(EXERCISE)
From the first line of the material through the line that holds "from ifc_brep_helpers import", repeat each line exactly and skip any picture.
===============
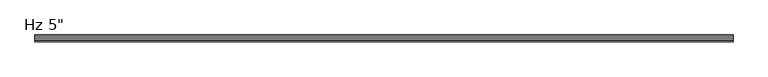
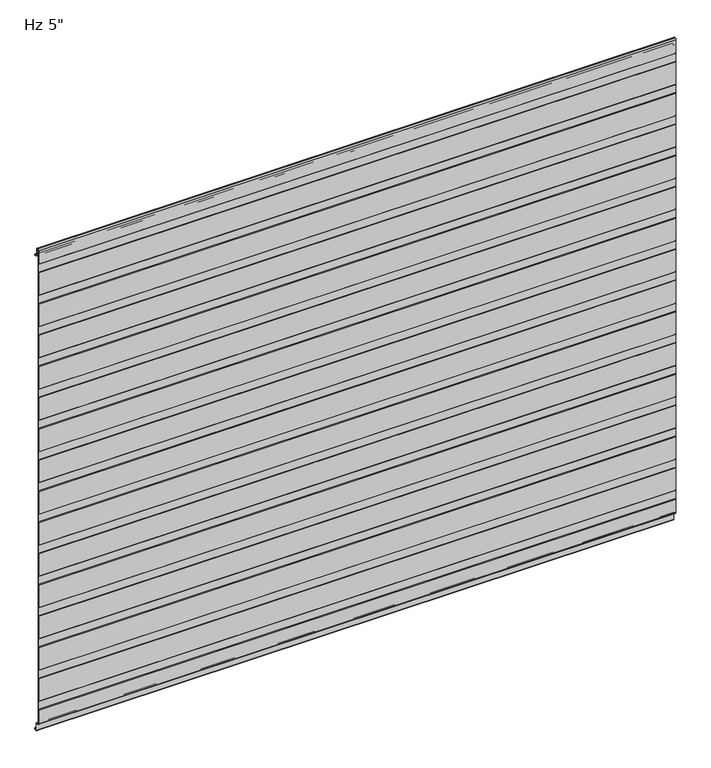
"""IFC4 building model written with IfcOpenShell, lengths in millimetres: plate geometry."""

from ifc_helpers import new_model, si_unit, frame, origin, place, context, project, spatial, polyline, circle_curve, source, transform, mapped, element, save
from ifc_brep_helpers import plane_surface, cylinder_surface, revolved_surface, advanced_brep


def plate_da2054d2(model_context):
    return source(origin(), model_context, "Body", "AdvancedBrep", [
        advanced_brep(
        [(-730.0, -127.0, 966.9508592), (-730.0, -127.0, 1021.5303137), (-730.0, -125.8088405, 1022.6028385), (-730.0, -125.8088405, 1041.5009546), (-730.0, -127.0, 1042.5734794), (-730.0, -127.0, 1097.152934), (-730.0, -125.8088405, 1098.2254588), (-730.0, -125.8088405, 1117.1235749), (-730.0, -126.9999956, 1118.1960958), (-730.0, -126.9999956, 1150.8100652), (-730.0, -124.0227271, 1153.7873337), (-730.0, -122.9806285, 1153.7873337), (-730.0, -120.00336, 1150.8100652), (-730.0, -120.00336, 1136.6216801), (-730.0, -118.4154834, 1135.0338036), (-730.0, -114.0950653, 1135.0338036), (-730.0, -112.5065979, 1133.3929042), (-730.0, -112.5065979, 1131.0482432), (-730.0, -113.5060718, 1131.0482432), (-730.0, -113.5060718, 1133.4253365), (-730.0, -114.0950653, 1134.0338037), (-730.0, -118.4154834, 1134.0338037), (-730.0, -121.00336, 1136.6216801), (-730.0, -121.00336, 1150.8100652), (-730.0, -122.9806285, 1152.7873337), (-730.0, -124.0227271, 1152.7873337), (-730.0, -125.9999956, 1150.8100652), (-730.0, -125.9999956, 1118.6385351), (-730.0, -124.8088405, 1117.5660142), (-730.0, -124.8088405, 1097.7830195), (-730.0, -126.0, 1096.7104947), (-730.0, -126.0, 1043.0159187), (-730.0, -124.8088405, 1041.9433939), (-730.0, -124.8088405, 1022.1603992), (-730.0, -126.0, 1021.0878744), (-730.0, -126.0, 967.3932985), (-730.0, -124.8088405, 966.3207736), (-730.0, -124.8088405, 946.537779), (-730.0, -126.0, 945.4652541), (-730.0, -126.0, 891.7706782), (-730.0, -124.8088405, 890.6981534), (-730.0, -124.8088405, 870.9151587), (-730.0, -126.0, 869.8426339), (-730.0, -126.0, 816.148058), (-730.0, -124.8088405, 815.0755331), (-730.0, -124.8088405, 795.2925384), (-730.0, -126.0, 794.2200136), (-730.0, -126.0, 740.5254377), (-730.0, -124.8088405, 739.4529129), (-730.0, -124.8088405, 719.6699182), (-730.0, -126.0, 718.5973933), (-730.0, -126.0, 664.9028174), (-730.0, -124.8088405, 663.8302926), (-730.0, -124.8088405, 644.0472979), (-730.0, -126.0, 642.9747731), (-730.0, -126.0, 589.2801972), (-730.0, -124.8088405, 588.2076723), (-730.0, -124.8088405, 568.4246776), (-730.0, -126.0, 567.3521528), (-730.0, -126.0, 513.6575769), (-730.0, -124.8088405, 512.5850521), (-730.0, -124.8088405, 492.8020574), (-730.0, -126.0, 491.7295325), (-730.0, -126.0, 438.0349566), (-730.0, -124.8088405, 436.9624318), (-730.0, -124.8088405, 417.1794371), (-730.0, -126.0, 416.1069123), (-730.0, -126.0, 362.4123364), (-730.0, -124.8088405, 361.3398115), (-730.0, -124.8088405, 341.5568169), (-730.0, -126.0, 340.484292), (-730.0, -126.0, 286.7897161), (-730.0, -124.8088405, 285.7171913), (-730.0, -124.8088405, 265.9341966), (-730.0, -126.0, 264.8616718), (-730.0, -126.0, 211.1670958), (-730.0, -124.8088405, 210.094571), (-730.0, -124.8088405, 190.3115763), (-730.0, -126.0, 189.2390515), (-730.0, -126.0, 135.5444756), (-730.0, -124.8088405, 134.4719507), (-730.0, -124.8088405, 114.6889561), (-730.0, -126.0, 113.6164312), (-730.0, -126.0, 59.9218553), (-730.0, -124.8088405, 58.8493305), (-730.0, -124.8088405, 39.0663358), (-730.0, -126.0, 37.993811), (-730.0, -126.0, 5.82722), (-730.0, -124.0227096, 3.8499526), (-730.0, -121.7308258, 3.8499526), (-730.0, -117.7535573, -0.1273159), (-730.0, -117.7535573, -15.7237419), (-730.0, -117.1656807, -16.3116185), (-730.0, -114.094132, -16.3116185), (-730.0, -113.5062555, -15.7237419), (-730.0, -113.5062555, -13.3687064), (-730.0, -112.5062555, -13.3687064), (-730.0, -112.5062555, -15.7237419), (-730.0, -114.094132, -17.3116185), (-730.0, -117.1656807, -17.3116185), (-730.0, -118.7535573, -15.7237419), (-730.0, -118.7535573, -0.1273159), (-730.0, -121.7308258, 2.8499526), (-730.0, -124.0227096, 2.8499526), (-730.0, -126.9999782, 5.8272193), (-730.0, -127.0, 38.4362503), (-730.0, -125.8088405, 39.5087751), (-730.0, -125.8088405, 58.4068912), (-730.0, -127.0, 59.479416), (-730.0, -127.0, 114.0588705), (-730.0, -125.8088405, 115.1313954), (-730.0, -125.8088405, 134.0295114), (-730.0, -127.0, 135.1020363), (-730.0, -127.0, 189.6814908), (-730.0, -125.8088405, 190.7540156), (-730.0, -125.8088405, 209.6521317), (-730.0, -127.0, 210.7246565), (-730.0, -127.0, 265.3041111), (-730.0, -125.8088405, 266.3766359), (-730.0, -125.8088405, 285.274752), (-730.0, -127.0, 286.3472768), (-730.0, -127.0, 340.9267313), (-730.0, -125.8088405, 341.9992562), (-730.0, -125.8088405, 360.8973722), (-730.0, -127.0, 361.9698971), (-730.0, -127.0, 416.5493516), (-730.0, -125.8088405, 417.6218764), (-730.0, -125.8088405, 436.5199925), (-730.0, -127.0, 437.5925173), (-730.0, -127.0, 492.1719719), (-730.0, -125.8088405, 493.2444967), (-730.0, -125.8088405, 512.1426127), (-730.0, -127.0, 513.2151376), (-730.0, -127.0, 567.7945921), (-730.0, -125.8088405, 568.867117), (-730.0, -125.8088405, 587.765233), (-730.0, -127.0, 588.8377578), (-730.0, -127.0, 643.4172124), (-730.0, -125.8088405, 644.4897372), (-730.0, -125.8088405, 663.3878533), (-730.0, -127.0, 664.4603781), (-730.0, -127.0, 719.0398327), (-730.0, -125.8088405, 720.1123575), (-730.0, -125.8088405, 739.0104735), (-730.0, -127.0, 740.0829984), (-730.0, -127.0, 794.6624529), (-730.0, -125.8088405, 795.7349778), (-730.0, -125.8088405, 814.6330938), (-730.0, -127.0, 815.7056186), (-730.0, -127.0, 870.2850732), (-730.0, -125.8088405, 871.357598), (-730.0, -125.8088405, 890.2557141), (-730.0, -127.0, 891.3282389), (-730.0, -127.0, 945.9076934), (-730.0, -125.8088405, 946.9802183), (-730.0, -125.8088405, 965.8783343), (730.0, -127.0, 966.9508592), (730.0, -125.8088405, 965.8783343), (730.0, -125.8088405, 946.9802183), (730.0, -127.0, 945.9076934), (730.0, -127.0, 891.3282389), (730.0, -125.8088405, 890.2557141), (730.0, -125.8088405, 871.357598), (730.0, -127.0, 870.2850732), (730.0, -127.0, 815.7056186), (730.0, -125.8088405, 814.6330938), (730.0, -125.8088405, 795.7349778), (730.0, -127.0, 794.6624529), (730.0, -127.0, 740.0829984), (730.0, -125.8088405, 739.0104735), (730.0, -125.8088405, 720.1123575), (730.0, -127.0, 719.0398327), (730.0, -127.0, 664.4603781), (730.0, -125.8088405, 663.3878533), (730.0, -125.8088405, 644.4897372), (730.0, -127.0, 643.4172124), (730.0, -127.0, 588.8377578), (730.0, -125.8088405, 587.765233), (730.0, -125.8088405, 568.867117), (730.0, -127.0, 567.7945921), (730.0, -127.0, 513.2151376), (730.0, -125.8088405, 512.1426127), (730.0, -125.8088405, 493.2444967), (730.0, -127.0, 492.1719719), (730.0, -127.0, 437.5925173), (730.0, -125.8088405, 436.5199925), (730.0, -125.8088405, 417.6218764), (730.0, -127.0, 416.5493516), (730.0, -127.0, 361.9698971), (730.0, -125.8088405, 360.8973722), (730.0, -125.8088405, 341.9992562), (730.0, -127.0, 340.9267313), (730.0, -127.0, 286.3472768), (730.0, -125.8088405, 285.274752), (730.0, -125.8088405, 266.3766359), (730.0, -127.0, 265.3041111), (730.0, -127.0, 210.7246565), (730.0, -125.8088405, 209.6521317), (730.0, -125.8088405, 190.7540156), (730.0, -127.0, 189.6814908), (730.0, -127.0, 135.1020363), (730.0, -125.8088405, 134.0295114), (730.0, -125.8088405, 115.1313954), (730.0, -127.0, 114.0588705), (730.0, -127.0, 59.479416), (730.0, -125.8088405, 58.4068912), (730.0, -125.8088405, 39.5087751), (730.0, -127.0, 38.4362503), (730.0, -127.0, 5.8272193), (730.0, -124.0227096, 2.8499526), (730.0, -121.7308258, 2.8499526), (730.0, -118.7535573, -0.1273159), (730.0, -118.7535573, -15.7237419), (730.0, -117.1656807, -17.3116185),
===============
(TASK RESPONSE)
"""IFC4 building model written with IfcOpenShell, lengths in millimetres: plate geometry."""

from ifc_helpers import new_model, si_unit, frame, origin, place, context, project, spatial, polyline, circle_curve, source, transform, mapped, element, save
from ifc_brep_helpers import plane_surface, cylinder_surface, revolved_surface, advanced_brep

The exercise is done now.